╔══

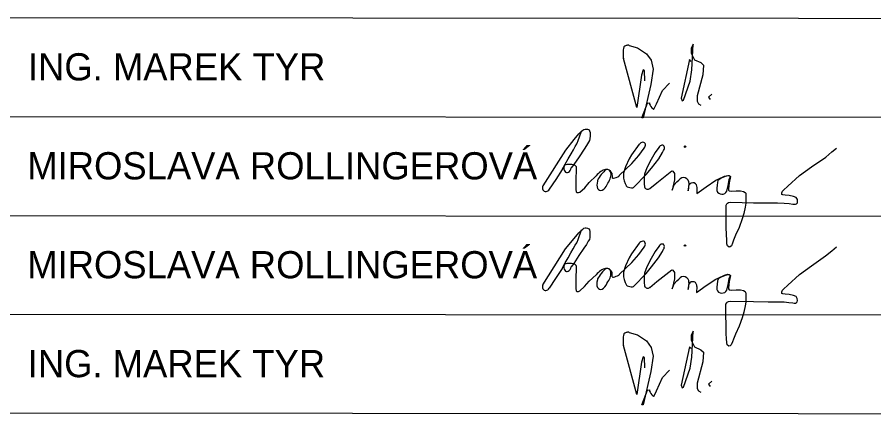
# Model space of a CAD drawing. Extents: x -467927 to -455912, y -1105662 to -1104439.
# Drawn here: x -458189.3 to -458127.1, y -1105019.6 to -1104991.1 of the extents above; entities that cross this region are included whole.
import ezdxf

# ---------------------------------------------------------------- set-up
doc = ezdxf.new("R2010")
doc.units = 0
doc.layers.add('Implicitní', color=7, linetype='Continuous')
doc.layers.add('Rozpiska TMS', color=7, linetype='Continuous')

msp = doc.modelspace()

# ---------------------------------------------------------------- linework, layer by layer
at = {"layer": 'Implicitní'}
for p, q in [((-458229.752, -1104998.32), (-458124.713, -1104998.397)), ((-458148.843, -1105000.022), (-458148.494, -1104999.613)), ((-458148.567, -1105000.17), (-458148.302, -1104999.411)), ((-458148.494, -1104999.613), (-458148.302, -1104999.418)), ((-458148.302, -1104999.418), (-458148.216, -1104999.346)), ((-458148.216, -1104999.346), (-458148.145, -1104999.292)), ((-458148.145, -1104999.292), (-458148.049, -1104999.267)), ((-458148.049, -1104999.267), (-458147.969, -1104999.267)), ((-458147.969, -1104999.267), (-458147.874, -1104999.285)), ((-458147.874, -1104999.285), (-458147.809, -1104999.308)), ((-458147.809, -1104999.308), (-458147.753, -1104999.332)), ((-458147.753, -1104999.332), (-458147.719, -1104999.406)), ((-458147.719, -1104999.406), (-458147.689, -1104999.517)), ((-458147.689, -1104999.517), (-458147.689, -1104999.755)), ((-458149.455, -1105000.795), (-458148.843, -1105000.022)), ((-458147.811, -1105000.225), (-458147.945, -1105000.46)), ((-458147.724, -1105000.094), (-458147.811, -1105000.225)), ((-458147.706, -1104999.97), (-458147.724, -1105000.094)), ((-458147.689, -1104999.755), (-458147.706, -1104999.97)), ((-458151.108, -1105003.4), (-458149.455, -1105000.795)), ((-458148.126, -1105000.735), (-458148.487, -1105001.277)), ((-458147.945, -1105000.46), (-458148.126, -1105000.735)), ((-458144.11, -1105000.376), (-458144.676, -1105001.138)), ((-458144.132, -1105001.198), (-458143.74, -1105000.665)), ((-458142.683, -1105000.613), (-458142.951, -1105000.973)), ((-458142.424, -1105000.969), (-458142.344, -1105000.817)), ((-458130.553, -1105001.306), (-458130.099, -1105000.92)), ((-458130.099, -1105000.92), (-458129.758, -1105000.648)), ((-458148.487, -1105001.277), (-458148.869, -1105001.852)), ((-458144.844, -1105001.435), (-458145.109, -1105002.013)), ((-458144.676, -1105001.138), (-458144.844, -1105001.435)), ((-458144.649, -1105001.775), (-458144.132, -1105001.198)), ((-458143.245, -1105001.485), (-458143.552, -1105002.083)), ((-458142.951, -1105000.973), (-458143.245, -1105001.485)), ((-458143.225, -1105002.104), (-458142.697, -1105001.429)), ((-458142.697, -1105001.429), (-458142.424, -1105000.969)), ((-458131.585, -1105002.01), (-458130.553, -1105001.306)), ((-458148.869, -1105001.852), (-458149.049, -1105002.086)), ((-458148.696, -1105001.998), (-458148.713, -1105003.148)), ((-458145.537, -1105002.62), (-458144.649, -1105001.775)), ((-458145.109, -1105002.013), (-458145.243, -1105002.476)), ((-458143.552, -1105002.083), (-458143.72, -1105002.551)), ((-458143.596, -1105002.581), (-458143.225, -1105002.104)), ((-458132.459, -1105002.646), (-458131.585, -1105002.01)), ((-458149.717, -1105002.221), (-458150.185, -1105002.945)), ((-458147.74, -1105003.147), (-458147.239, -1105002.677)), ((-458145.243, -1105002.476), (-458145.261, -1105002.649)), ((-458145.261, -1105002.649), (-458145.261, -1105002.834)), ((-458144.497, -1105003.49), (-458143.596, -1105002.581)), ((-458143.72, -1105002.551), (-458143.75, -1105002.738)), ((-458143.75, -1105002.738), (-458143.75, -1105003.222)), ((-458142.834, -1105003.169), (-458141.74, -1105002.303)), ((-458141.74, -1105002.303), (-458141.656, -1105002.327)), ((-458141.656, -1105002.327), (-458141.547, -1105002.496)), ((-458141.547, -1105002.496), (-458141.548, -1105002.972)), ((-458138.37, -1105002.91), (-458137.917, -1105002.7)), ((-458137.864, -1105002.722), (-458138.152, -1105002.839)), ((-458137.917, -1105002.7), (-458137.664, -1105002.638)), ((-458137.626, -1105002.673), (-458137.864, -1105002.722)), ((-458137.664, -1105002.638), (-458137.577, -1105002.643)), ((-458137.478, -1105002.722), (-458137.626, -1105002.673)), ((-458137.577, -1105002.643), (-458137.478, -1105002.722)), ((-458137.478, -1105002.722), (-458137.575, -1105003.173)), ((-458137.563, -1105002.946), (-458137.478, -1105002.722)), ((-458133.296, -1105003.421), (-458132.459, -1105002.646)), ((-458150.185, -1105002.945), (-458150.648, -1105003.642)), ((-458148.713, -1105003.148), (-458148.723, -1105003.674)), ((-458148.075, -1105003.534), (-458147.74, -1105003.147)), ((-458145.261, -1105002.834), (-458145.211, -1105003.026)), ((-458145.211, -1105003.026), (-458145.134, -1105003.239)), ((-458145.134, -1105003.239), (-458145.057, -1105003.386)), ((-458143.75, -1105003.222), (-458143.721, -1105003.49)), ((-458143.332, -1105003.588), (-458142.834, -1105003.169)), ((-458141.548, -1105002.972), (-458141.715, -1105003.705)), ((-458141.715, -1105003.705), (-458141.565, -1105003.322)), ((-458141.565, -1105003.322), (-458141.379, -1105003.105)), ((-458141.379, -1105003.105), (-458141.222, -1105002.989)), ((-458140.496, -1105003.235), (-458140.546, -1105003.755)), ((-458140.546, -1105003.755), (-458140.484, -1105003.333)), ((-458139.238, -1105003.465), (-458138.538, -1105002.981)), ((-458138.538, -1105002.981), (-458138.37, -1105002.91)), ((-458138.446, -1105003.357), (-458138.471, -1105003.569)), ((-458138.426, -1105003.145), (-458138.446, -1105003.357)), ((-458138.39, -1105003.018), (-458138.426, -1105003.145)), ((-458138.333, -1105002.954), (-458138.39, -1105003.018)), ((-458138.152, -1105002.839), (-458138.333, -1105002.954)), ((-458137.738, -1105003.784), (-458137.649, -1105003.384)), ((-458137.649, -1105003.384), (-458137.563, -1105002.946)), ((-458137.575, -1105003.173), (-458137.626, -1105003.625)), ((-458133.624, -1105003.711), (-458133.296, -1105003.421)), ((-458148.723, -1105003.674), (-458148.697, -1105003.836)), ((-458148.697, -1105003.836), (-458148.645, -1105003.892)), ((-458148.645, -1105003.892), (-458148.52, -1105003.892)), ((-458148.52, -1105003.892), (-458148.418, -1105003.85)), ((-458148.418, -1105003.85), (-458148.075, -1105003.534)), ((-458139.931, -1105003.969), (-458139.238, -1105003.465)), ((-458139.915, -1105003.527), (-458139.931, -1105003.969)), ((-458138.471, -1105003.569), (-458138.471, -1105003.744)), ((-458137.626, -1105003.625), (-458137.626, -1105003.708)), ((-458137.626, -1105003.708), (-458137.577, -1105003.765)), ((-458137.577, -1105003.765), (-458137.383, -1105003.784)), ((-458137.383, -1105003.784), (-458137.055, -1105003.768)), ((-458137.055, -1105003.768), (-458136.739, -1105003.768)), ((-458136.739, -1105003.768), (-458136.52, -1105003.812)), ((-458136.52, -1105003.812), (-458136.413, -1105003.882)), ((-458136.413, -1105003.882), (-458136.367, -1105003.933)), ((-458136.367, -1105003.933), (-458136.348, -1105004.066)), ((-458133.748, -1105003.999), (-458133.739, -1105003.919)), ((-458133.74, -1105004.033), (-458133.748, -1105003.999)), ((-458133.668, -1105004.059), (-458133.74, -1105004.033)), ((-458133.739, -1105003.919), (-458133.692, -1105003.787)), ((-458133.692, -1105003.787), (-458133.624, -1105003.711)), ((-458133.5, -1105004.077), (-458133.668, -1105004.059)), ((-458137.739, -1105004.703), (-458137.704, -1105004.668)), ((-458137.704, -1105004.668), (-458137.627, -1105004.616)), ((-458137.627, -1105004.616), (-458137.443, -1105004.59)), ((-458137.443, -1105004.59), (-458135.808, -1105004.625)), ((-458136.348, -1105004.656), (-458136.399, -1105004.943)), ((-458136.348, -1105004.066), (-458136.348, -1105004.347)), ((-458136.348, -1105004.347), (-458136.348, -1105004.656)), ((-458135.808, -1105004.625), (-458134.723, -1105004.632)), ((-458134.723, -1105004.632), (-458134.068, -1105004.632)), ((-458134.068, -1105004.632), (-458133.578, -1105004.654)), ((-458133.578, -1105004.654), (-458133.219, -1105004.68)), ((-458133.201, -1105004.111), (-458133.5, -1105004.077)), ((-458133.219, -1105004.68), (-458132.946, -1105004.726)), ((-458132.894, -1105004.183), (-458133.201, -1105004.111)), ((-458132.702, -1105004.253), (-458132.894, -1105004.183)), ((-458132.611, -1105004.391), (-458132.702, -1105004.253)), ((-458132.676, -1105004.7), (-458132.611, -1105004.633)), ((-458132.606, -1105004.536), (-458132.611, -1105004.391)), ((-458132.611, -1105004.633), (-458132.606, -1105004.536)), ((-458137.8, -1105005.494), (-458137.799, -1105004.998)), ((-458137.799, -1105004.817), (-458137.739, -1105004.703)), ((-458137.799, -1105004.998), (-458137.799, -1105004.817)), ((-458136.399, -1105004.943), (-458136.498, -1105005.406)), ((-458132.946, -1105004.726), (-458132.834, -1105004.731)), ((-458132.834, -1105004.731), (-458132.753, -1105004.731)), ((-458132.753, -1105004.731), (-458132.676, -1105004.7)), ((-458229.757, -1105005.52), (-458124.718, -1105005.597)), ((-458137.786, -1105006.436), (-458137.8, -1105005.494)), ((-458136.632, -1105005.801), (-458136.85, -1105006.42)), ((-458136.498, -1105005.406), (-458136.632, -1105005.801)), ((-458148.307, -1105006.618), (-458148.221, -1105006.546)), ((-458148.221, -1105006.546), (-458148.15, -1105006.492)), ((-458148.15, -1105006.492), (-458148.054, -1105006.467)), ((-458148.054, -1105006.467), (-458147.974, -1105006.467)), ((-458147.974, -1105006.467), (-458147.879, -1105006.485)), ((-458147.879, -1105006.485), (-458147.814, -1105006.508)), ((-458147.814, -1105006.508), (-458147.758, -1105006.532)), ((-458147.758, -1105006.532), (-458147.724, -1105006.606)), ((-458137.777, -1105006.943), (-458137.786, -1105006.436)), ((-458136.85, -1105006.42), (-458137.102, -1105007)), ((-458148.848, -1105007.222), (-458148.5, -1105006.813)), ((-458148.572, -1105007.37), (-458148.307, -1105006.611)), ((-458148.5, -1105006.813), (-458148.307, -1105006.618)), ((-458147.711, -1105007.17), (-458147.729, -1105007.294)), ((-458147.724, -1105006.606), (-458147.695, -1105006.717)), ((-458147.695, -1105006.955), (-458147.711, -1105007.17)), ((-458147.695, -1105006.717), (-458147.695, -1105006.955)), ((-458137.753, -1105007.342), (-458137.777, -1105006.943)), ((-458137.102, -1105007), (-458137.253, -1105007.352)), ((-458149.46, -1105007.995), (-458148.848, -1105007.222)), ((-458147.95, -1105007.66), (-458148.131, -1105007.935)), ((-458147.816, -1105007.425), (-458147.95, -1105007.66)), ((-458147.729, -1105007.294), (-458147.816, -1105007.425)), ((-458144.115, -1105007.576), (-458144.682, -1105008.338)), ((-458137.73, -1105007.614), (-458137.753, -1105007.342)), ((-458137.699, -1105007.768), (-458137.73, -1105007.614)), ((-458137.578, -1105007.857), (-458137.699, -1105007.768)), ((-458137.409, -1105007.768), (-458137.491, -1105007.838)), ((-458137.335, -1105007.565), (-458137.409, -1105007.768)), ((-458137.253, -1105007.352), (-458137.335, -1105007.565)), ((-458151.113, -1105010.6), (-458149.46, -1105007.995)), ((-458148.131, -1105007.935), (-458148.492, -1105008.477)), ((-458144.682, -1105008.338), (-458144.849, -1105008.635)), ((-458144.654, -1105008.975), (-458144.138, -1105008.398)), ((-458144.138, -1105008.398), (-458143.745, -1105007.865)), ((-458142.957, -1105008.173), (-458143.25, -1105008.685)), ((-458142.688, -1105007.813), (-458142.957, -1105008.173)), ((-458142.702, -1105008.629), (-458142.43, -1105008.169)), ((-458142.43, -1105008.169), (-458142.35, -1105008.017)), ((-458137.491, -1105007.838), (-458137.578, -1105007.857)), ((-458130.558, -1105008.506), (-458130.105, -1105008.12)), ((-458130.105, -1105008.12), (-458129.763, -1105007.848)), ((-458148.492, -1105008.477), (-458148.874, -1105009.052)), ((-458145.542, -1105009.82), (-458144.654, -1105008.975)), ((-458144.849, -1105008.635), (-458145.114, -1105009.213)), ((-458143.25, -1105008.685), (-458143.557, -1105009.283)), ((-458143.23, -1105009.304), (-458142.702, -1105008.629)), ((-458131.59, -1105009.21), (-458130.558, -1105008.506)), ((-458149.723, -1105009.421), (-458150.19, -1105010.145)), ((-458148.874, -1105009.052), (-458149.054, -1105009.286)), ((-458148.701, -1105009.198), (-458148.718, -1105010.348)), ((-458145.114, -1105009.213), (-458145.249, -1105009.676)), ((-458143.557, -1105009.283), (-458143.726, -1105009.751)), ((-458143.601, -1105009.781), (-458143.23, -1105009.304)), ((-458142.839, -1105010.369), (-458141.746, -1105009.503)), ((-458141.746, -1105009.503), (-458141.662, -1105009.527)), ((-458141.662, -1105009.527), (-458141.553, -1105009.696)), ((-458132.464, -1105009.846), (-458131.59, -1105009.21)), ((-458150.19, -1105010.145), (-458150.654, -1105010.842)), ((-458147.745, -1105010.347), (-458147.244, -1105009.877)), ((-458145.249, -1105009.676), (-458145.266, -1105009.849)), ((-458145.266, -1105009.849), (-458145.266, -1105010.034)), ((-458145.266, -1105010.034), (-458145.216, -1105010.226)), ((-458145.216, -1105010.226), (-458145.139, -1105010.439)), ((-458144.502, -1105010.69), (-458143.601, -1105009.781)), ((-458143.726, -1105009.751), (-458143.755, -1105009.938)), ((-458143.755, -1105009.938), (-458143.755, -1105010.422)), ((-458141.553, -1105010.172), (-458141.721, -1105010.905)), ((-458141.553, -1105009.696), (-458141.553, -1105010.172)), ((-458141.384, -1105010.305), (-458141.227, -1105010.189)), ((-458139.243, -1105010.664), (-458138.543, -1105010.181)), ((-458138.543, -1105010.181), (-458138.375, -1105010.11)), ((-458138.395, -1105010.218), (-458138.431, -1105010.345)), ((-458138.338, -1105010.154), (-458138.395, -1105010.218)), ((-458138.375, -1105010.11), (-458137.922, -1105009.9)), ((-458138.157, -1105010.039), (-458138.338, -1105010.154)), ((-458137.869, -1105009.922), (-458138.157, -1105010.039)), ((-458137.922, -1105009.9), (-458137.669, -1105009.838)), ((-458137.631, -1105009.873), (-458137.869, -1105009.922)), ((-458137.669, -1105009.838), (-458137.582, -1105009.843)), ((-458137.654, -1105010.584), (-458137.568, -1105010.146)), ((-458137.483, -1105009.922), (-458137.631, -1105009.873)), ((-458137.582, -1105009.843), (-458137.483, -1105009.922)), ((-458137.483, -1105009.922), (-458137.58, -1105010.373)), ((-458137.568, -1105010.146), (-458137.483, -1105009.922)), ((-458133.301, -1105010.621), (-458132.464, -1105009.846)), ((-458148.718, -1105010.348), (-458148.729, -1105010.874)), ((-458148.729, -1105010.874), (-458148.703, -1105011.036)), ((-458148.424, -1105011.05), (-458148.081, -1105010.734)), ((-458148.081, -1105010.734), (-458147.745, -1105010.347)), ((-458145.139, -1105010.439), (-458145.062, -1105010.586)), ((-458143.755, -1105010.422), (-458143.726, -1105010.69)), ((-458143.338, -1105010.788), (-458142.839, -1105010.369)), ((-458141.721, -1105010.905), (-458141.57, -1105010.522)), ((-458141.57, -1105010.522), (-458141.384, -1105010.305)), ((-458140.501, -1105010.435), (-458140.552, -1105010.955)), ((-458140.552, -1105010.955), (-458140.489, -1105010.533)), ((-458139.936, -1105011.169), (-458139.243, -1105010.664)), ((-458139.92, -1105010.727), (-458139.936, -1105011.169)), ((-458138.451, -1105010.557), (-458138.477, -1105010.769)), ((-458138.477, -1105010.769), (-458138.477, -1105010.944)), ((-458138.431, -1105010.345), (-458138.451, -1105010.557)), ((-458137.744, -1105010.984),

╚══

### About this task
Only a number should be returned: how many lines in the material contain "linetype"?

### Finished exercise
2